The Frenchman, who routinely arouses NBA interest, is an energy baller. It’s rare for the glue guy on a team to also be arguably its best player. Yet here was Lessort, roaring into the paint and fearing no man in red. Olympiacos had been quite effective at eliminating the inside game in the first 20 minutes. Now, with the big guy rolling, the Greens could open up their offensive playbook a bit more.
Once Kendrick Nunn hit a fast break dunk, bringing the OAKA crowd to its feet, this Euroleague battle’s complexion had changed. There was only a bucket between the sides. The Greens were starting to believe again.
Have you ever been to Belgrade?
This is the game that makes Europe stand still. There was a full German broadcast team here. Slovenian and Serbian journalists also made the trip, along with this one Irishman. One of the latter turned to me during the darkest point for Panathinaikos in the first half?
“Have you ever been to Belgrade?” she asked. The expectation of the OAKA roar hadn’t quite lived up to expectation yet. As it happens, I have been but it was for a Euroleague Final Four and not the eternal derby. Still, once PAO started rolling, she turned to me again acknowledging that this was more like it.

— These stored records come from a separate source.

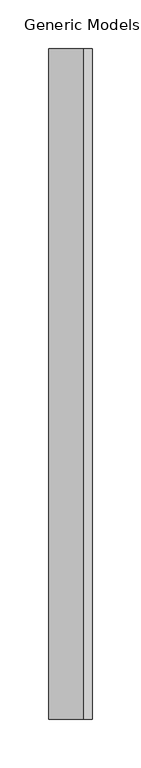
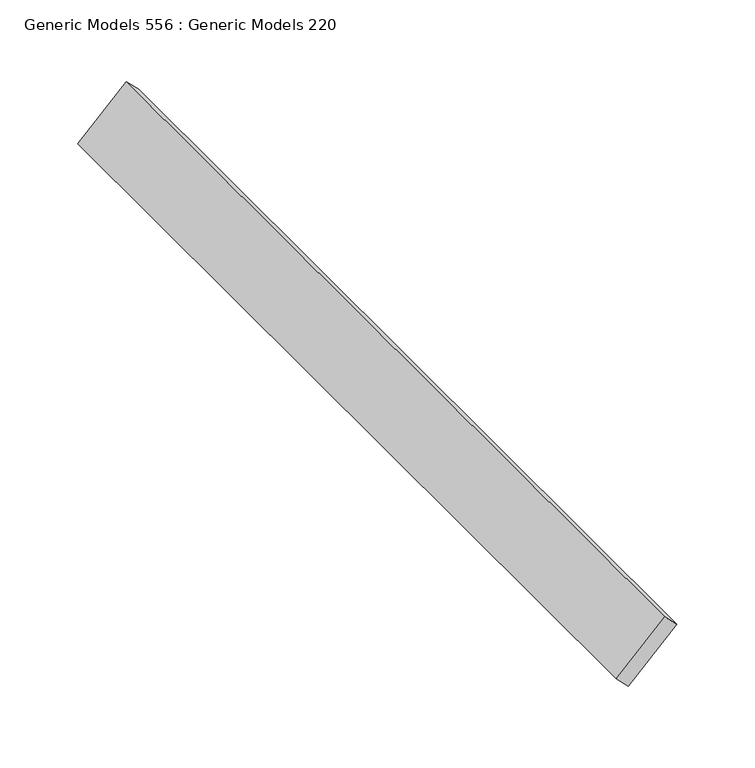
"""IFC4 building model written with IfcOpenShell, lengths in millimetres: proxy geometry, Generic Models 556 : Generic Models 220."""

from ifc_helpers import new_model, si_unit, frame, origin, place, context, project, spatial, polyline, outline, extrude, source, transform, mapped, element, save


def generic_models_556_generic_models_220_bf90978c(model_context):
    return source(origin(), model_context, "Body", "SweptSolid", [
        extrude(outline(polyline([(0.0, -12.7000001), (0.0, 0.0), (690.8142348, 0.0), (690.8142348, -12.7000001), (0.0, -12.7000001)])), frame((7841.3059863, 4539.4872686, 124493.6399101), z_axis=(0.7071067811868034, 0.0, 0.7071067811862918), x_axis=(0.0, -1.0, 0.0)), (0.0, 0.0, 1.0), 50.8),
    ])


if __name__ == "__main__":
    model = new_model("IFC4")
    model_context = context("Model", 3, world=origin())
    ifc_project = project(units=[si_unit("LENGTHUNIT", "METRE", prefix="MILLI")], contexts=[model_context])
    site = spatial("IfcSite", under=ifc_project)
    building = spatial("IfcBuilding", under=site)
    placement = place(None, origin())
    generic_models_556_generic_models_220_shape = generic_models_556_generic_models_220_bf90978c(model_context)
    element("IfcBuildingElementProxy", 1, Name="Generic Models 556 : Generic Models 220", ObjectType="Generic Models 556 : Generic Models 220", at=placement, inside=building, context=model_context, shape_type="MappedRepresentation", body=[
        mapped(generic_models_556_generic_models_220_shape, transform((0.0, 0.0, 0.0), x_axis=(1.0, 0.0, 0.0), y_axis=(0.0, 1.0, 0.0), z_axis=(0.0, 0.0, 1.0))),
    ])
    save(model, "model.ifc")

# Revit data of these elements
# Element 1 (IfcBuildingElementProxy, "Generic Models 556 : Generic Models 220")
#   Materials on its faces: "_WOOD TONE ALUMINUM EXTRUSION SLAT BY KNOTWOOD"
# Materials
#   "_WOOD TONE ALUMINUM EXTRUSION SLAT BY KNOTWOOD": class "Generic", colour RGB 177 130 114, transparency 0, Cost = 0

It’s effectively the rivalry of rivalries. Is the eternal derby of Belgrade or that of Athens hotter? Given the, umm, colourful approach to the Panathinaikos banners there was clearly no love from them for Olympiacos. Like that derby in Belgrade, it’s home fans only at this clash. Having an away section would be ill-advised.
Whither Ataman?
The final part of actually reeling in Olympiacos was getting to Ergin Ataman. The Panathinaikos coach, easily one of the most colourful characters in Euroleague, was largely calm for the most part.
Still, in the fourth as his side kept getting that little bit closer but not all the way it was getting to him. Ataman was eventually called for a technical foul. It was arguably for less provocative remonstrations than normally lead to him getting such a decision against him.
He was the coach who waited. Tremendously successful on the domestic level, Ataman waited over 20 years into his career to get the Euroleague success he lusted after. It was he who guided Anadolu Efes to three straight title games and back to back championships. Ataman oversaw the return to glory of Panathinaikos last spring and now wants to three peat with the Greens. As he nears 60, Ataman has found the success he spent so long yearning for and he wants to guzzle it all.
Denouement
Juancho Hernangomez with the fast break, his effort blocked. Three men stand out of bounds, two Olympiacos and one Panathinaikos. It’s Kendrick Nunn that’s on the right side to gather a ball bouncing towards the three point line. He collects, strides, and finishes. The game is tied for the first time since the start.
From the line, Kostas Sloukas pushes the Greens in front, only for an Evan Fournier three to restore Oly’s advantage. It may just be a regular season round in Euroleague on paper. Right now, in this moment, you know it is more than a basketball game.
Fournier decided it was his show. He didn’t quite silence the fans in the OAKA but he certainly made their roars seem meeker. The French hotshot made the key buckets late to kill off the comeback. In the home of the Greens, it was a Red night.